##### Dataset excerpts
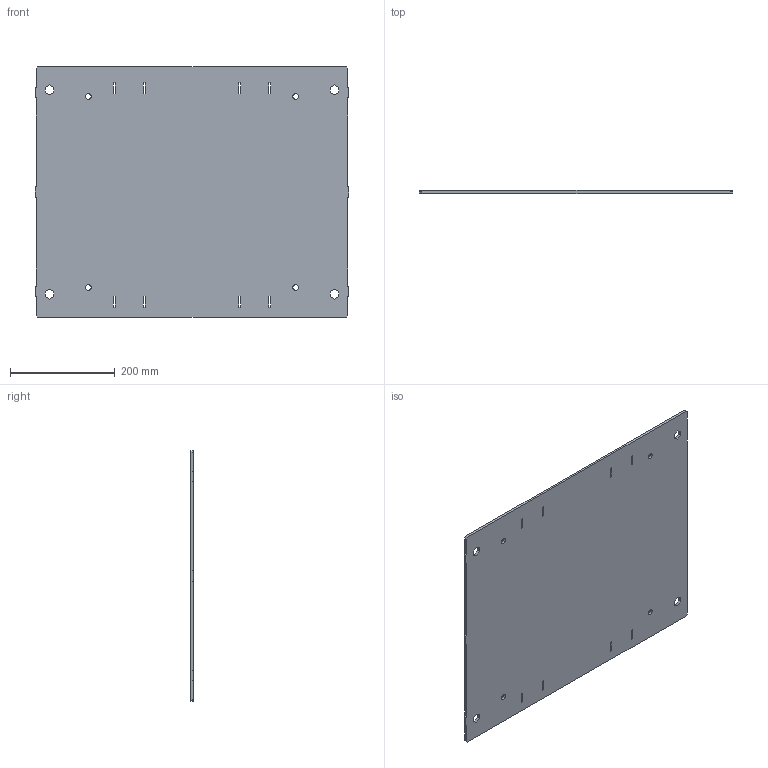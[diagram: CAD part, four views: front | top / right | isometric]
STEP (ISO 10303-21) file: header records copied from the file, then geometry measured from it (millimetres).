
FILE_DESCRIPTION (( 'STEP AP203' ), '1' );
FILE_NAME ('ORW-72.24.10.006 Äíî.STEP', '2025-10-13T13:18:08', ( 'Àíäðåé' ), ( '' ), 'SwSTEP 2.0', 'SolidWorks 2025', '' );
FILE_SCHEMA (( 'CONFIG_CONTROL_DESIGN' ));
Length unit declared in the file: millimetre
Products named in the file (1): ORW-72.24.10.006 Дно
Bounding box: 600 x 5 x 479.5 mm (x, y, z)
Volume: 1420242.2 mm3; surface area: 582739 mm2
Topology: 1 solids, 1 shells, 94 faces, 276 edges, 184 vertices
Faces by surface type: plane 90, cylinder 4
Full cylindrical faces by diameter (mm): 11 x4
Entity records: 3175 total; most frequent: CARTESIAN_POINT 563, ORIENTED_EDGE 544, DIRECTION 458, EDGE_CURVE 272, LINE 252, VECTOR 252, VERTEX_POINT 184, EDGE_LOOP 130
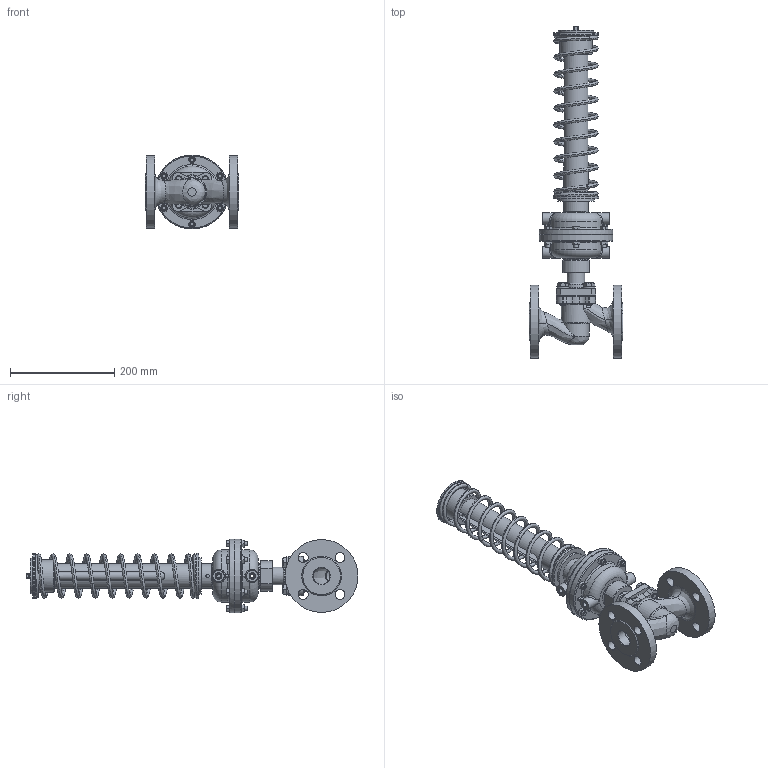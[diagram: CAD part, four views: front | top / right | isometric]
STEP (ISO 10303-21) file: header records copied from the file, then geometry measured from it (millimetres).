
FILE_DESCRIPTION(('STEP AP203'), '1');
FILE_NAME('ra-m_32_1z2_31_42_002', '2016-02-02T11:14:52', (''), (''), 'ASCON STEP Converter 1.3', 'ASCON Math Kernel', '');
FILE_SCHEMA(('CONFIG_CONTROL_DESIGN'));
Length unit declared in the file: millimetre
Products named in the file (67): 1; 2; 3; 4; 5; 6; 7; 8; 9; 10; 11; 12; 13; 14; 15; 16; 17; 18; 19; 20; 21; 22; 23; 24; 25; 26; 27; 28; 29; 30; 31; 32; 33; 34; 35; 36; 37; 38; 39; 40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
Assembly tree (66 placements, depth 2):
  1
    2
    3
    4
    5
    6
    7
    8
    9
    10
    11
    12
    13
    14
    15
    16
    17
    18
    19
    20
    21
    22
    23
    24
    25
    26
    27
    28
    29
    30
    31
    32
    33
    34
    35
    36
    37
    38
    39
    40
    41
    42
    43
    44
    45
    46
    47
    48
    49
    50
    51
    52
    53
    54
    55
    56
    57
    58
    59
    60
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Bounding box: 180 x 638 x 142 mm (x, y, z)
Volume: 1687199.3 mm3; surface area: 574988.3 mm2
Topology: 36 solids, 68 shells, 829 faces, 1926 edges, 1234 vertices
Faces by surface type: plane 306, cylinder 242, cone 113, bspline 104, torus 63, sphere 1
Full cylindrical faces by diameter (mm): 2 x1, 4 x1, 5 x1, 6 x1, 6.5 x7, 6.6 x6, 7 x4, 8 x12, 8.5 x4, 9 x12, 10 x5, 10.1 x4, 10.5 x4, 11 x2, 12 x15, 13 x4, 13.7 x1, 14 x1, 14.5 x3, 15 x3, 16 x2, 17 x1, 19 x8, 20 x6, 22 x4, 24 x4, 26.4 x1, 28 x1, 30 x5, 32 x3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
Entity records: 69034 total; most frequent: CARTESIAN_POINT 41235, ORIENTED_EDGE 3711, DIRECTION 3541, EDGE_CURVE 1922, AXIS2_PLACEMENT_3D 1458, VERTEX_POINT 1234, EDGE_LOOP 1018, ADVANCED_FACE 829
##########
» Goal of the exercise
Reproduce the data above exactly, leaving out any picture in it.

» Answer area
[diagram: CAD part, four views: front | top / right | isometric]
STEP (ISO 10303-21) file: header records copied from the file, then geometry measured from it (millimetres).
FILE_DESCRIPTION (( 'STEP AP203' ), '1' );
FILE_NAME ('ORW-72.24.10.006 Äíî.STEP', '2025-10-13T13:18:08', ( 'Àíäðåé' ), ( '' ), 'SwSTEP 2.0', 'SolidWorks 2025', '' );
FILE_SCHEMA (( 'CONFIG_CONTROL_DESIGN' ));
Length unit declared in the file: millimetre
Products named in the file (1): ORW-72.24.10.006 Дно
Bounding box: 600 x 5 x 479.5 mm (x, y, z)
Volume: 1420242.2 mm3; surface area: 582739 mm2
Topology: 1 solids, 1 shells, 94 faces, 276 edges, 184 vertices
Faces by surface type: plane 90, cylinder 4
Full cylindrical faces by diameter (mm): 11 x4
Entity records: 3175 total; most frequent: CARTESIAN_POINT 563, ORIENTED_EDGE 544, DIRECTION 458, EDGE_CURVE 272, LINE 252, VECTOR 252, VERTEX_POINT 184, EDGE_LOOP 130
[diagram: CAD part, four views: front | top / right | isometric]
STEP (ISO 10303-21) file: header records copied from the file, then geometry measured from it (millimetres).
FILE_DESCRIPTION(('STEP AP203'), '1');
FILE_NAME('ra-m_32_1z2_31_42_002', '2016-02-02T11:14:52', (''), (''), 'ASCON STEP Converter 1.3', 'ASCON Math Kernel', '');
FILE_SCHEMA(('CONFIG_CONTROL_DESIGN'));
Length unit declared in the file: millimetre
Products named in the file (67): 1; 2; 3; 4; 5; 6; 7; 8; 9; 10; 11; 12; 13; 14; 15; 16; 17; 18; 19; 20; 21; 22; 23; 24; 25; 26; 27; 28; 29; 30; 31; 32; 33; 34; 35; 36; 37; 38; 39; 40
Assembly tree (66 placements, depth 2):
  1
    2
    3
    4
    5
    6
    7
    8
    9
    10
    11
    12
    13
    14
    15
    16
    17
    18
    19
    20
    21
    22
    23
    24
    25
    26
    27
    28
    29
    30
    31
    32
    33
    34
    35
    36
    37
    38
    39
    40
    41
    42
    43
    44
    45
    46
    47
    48
    49
    50
    51
    52
    53
    54
    55
    56
    57
    58
    59
    60
Bounding box: 180 x 638 x 142 mm (x, y, z)
Volume: 1687199.3 mm3; surface area: 574988.3 mm2
Topology: 36 solids, 68 shells, 829 faces, 1926 edges, 1234 vertices
Faces by surface type: plane 306, cylinder 242, cone 113, bspline 104, torus 63, sphere 1
Full cylindrical faces by diameter (mm): 2 x1, 4 x1, 5 x1, 6 x1, 6.5 x7, 6.6 x6, 7 x4, 8 x12, 8.5 x4, 9 x12, 10 x5, 10.1 x4, 10.5 x4, 11 x2, 12 x15, 13 x4, 13.7 x1, 14 x1, 14.5 x3, 15 x3, 16 x2, 17 x1, 19 x8, 20 x6, 22 x4, 24 x4, 26.4 x1, 28 x1, 30 x5, 32 x3
Entity records: 69034 total; most frequent: CARTESIAN_POINT 41235, ORIENTED_EDGE 3711, DIRECTION 3541, EDGE_CURVE 1922, AXIS2_PLACEMENT_3D 1458, VERTEX_POINT 1234, EDGE_LOOP 1018, ADVANCED_FACE 829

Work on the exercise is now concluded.